Christoph von Marschall erklärt, was es mit Englisch als offizieller, nationaler und gemeinsamer Sprache auf sich hat

Es ging hoch her zu abendlicher Stunde. Und am Tag danach rieben sich viele Amerikaner verwundert die Augen: Was hatte der Senat da beschlossen? Man kann nicht mal sicher sein, dass die Senatoren das selbst so genau sagen können. Binnen weniger Minuten hatten sie zwei widersprüchliche Beschlüsse zur Rolle des Englischen in den USA gefasst. Mit 63 zu 34 Stimmen machten sie Englisch zur nationalen Sprache, mit 58 zu 39 zur „gemeinsamen und einigenden“ Sprache. Das Hin und Her zeigt, wie sehr die dynamische Zuwanderung von Hispanics die Gesellschaft aufwühlt. Zur Verwirrung trägt bei: Jedes der beiden Lager wirft den Gegnern skandalöses Verhalten vor, behauptet aber, die eigene Gesetzesversion ändere nichts an der bestehenden Lage. Wenn das stimmt, wozu dann der Beschluss?

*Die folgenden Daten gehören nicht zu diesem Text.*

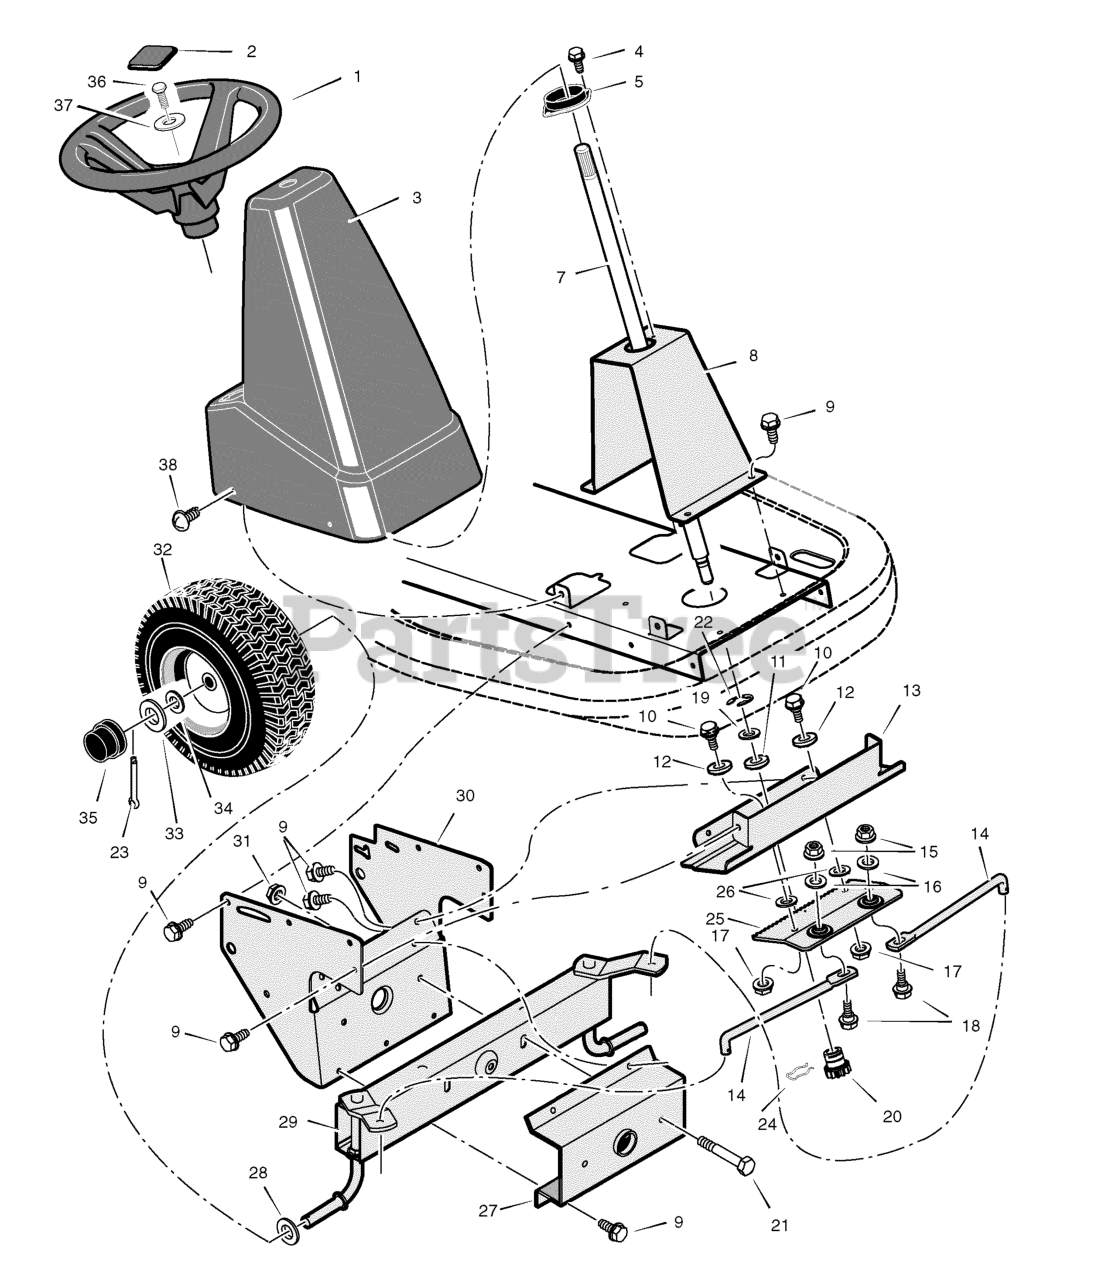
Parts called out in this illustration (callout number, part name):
1	Wheel, Steering
2	Cap, Steering (Black)
3	Console, High (Black)
5	Bearing, Upper Steering
7	Shaft, Steering
8	Support, Steering
9	Screw
10	Bolt, Shoulder
11	Bearing, Lower Steering
12	Roller
13	Plate, Gear Mounting
14	Link, Drag
15	Nut, Flange
16	Washer
17	Nut, Flange
18	Bolt, Hex
19	WASHER, 1-1.3 16G FLT
20	Gear, Pinion
21	Bolt, Hex
22	E-Ring, Retainer
23	Pin, Cotter
24	Retainer, Spring
25	Rack, Steering
26	Washer
27	Bracket, Axle Front
28	Washer
29	Axle & Spindle Assembly
30	Bracket, Support
31	Nut, Flange
32	Wheel, Front *
33	Washer
34	Washer
35	Cap, Hub
36	Screw, Hex
37	Washer
38	Screw

Beides sind Ergänzungen zum umstrittenen Zuwanderungsgesetz, auf dessen endgültige Fassung sich der Senat noch mit dem restriktiveren Abgeordnetenhaus einigen muss. Elf bis zwölf Millionen Illegale, vor allem Hispanics aus Mexiko, Mittel- und Südamerika, sind bereits im Land, jedes Jahr kommen 600 000 bis 800 000 dazu. Die Republikaner im Haus wollen sie durch schärfere Grenzkontrollen und Strafen abschrecken, der Senat und Präsident Bush setzen auf die Einbürgerung für alle, die mindestens zwei Jahre da sind. In 20 Jahren werden die Latinos ein Viertel der Bevölkerung stellen und im Süden der USA die Mehrheit.

Konservative fürchten um den angelsächsischen Charakter des Landes. „Niemand darf verlangen, dass die Regierung und andere Vertreter des Staates in einer anderen Sprache kommunizieren“, steht in ihrem Entwurf über die „nationale“ Sprache. Vor der Ausrufung des Englischen als „offizieller“ Sprache sind sie zurückgezuckt. Fachleute warnten, das könne Folgen haben für bestehende bilinguale Programme. Was heute legal ist, soll erlaubt bleiben. Einige Demokraten nennen den Entwurf „rassistisch“. Es gehöre zur Freiheit und zum Charakter der Einwanderernation, dass jeder sprechen könne, wie es ihm beliebt. Zugleich sei aber klar, dass jeder Englisch lernen müsse. Nur festschreiben wollen sie das nicht. Englisch sei die „gemeinsame“ Sprache, die alle integriere. Weit weniger Aufregung löst in den USA die Forderung aus, Neubürger müssten Grundkenntnisse in amerikanischer Geschichte, Verfassung und Englisch nachweisen. Darauf wird man sich leichter einigen können als über die Frage, ob Englisch so sehr zur Identität der USA gehört, dass es Gesetzesrang haben muss.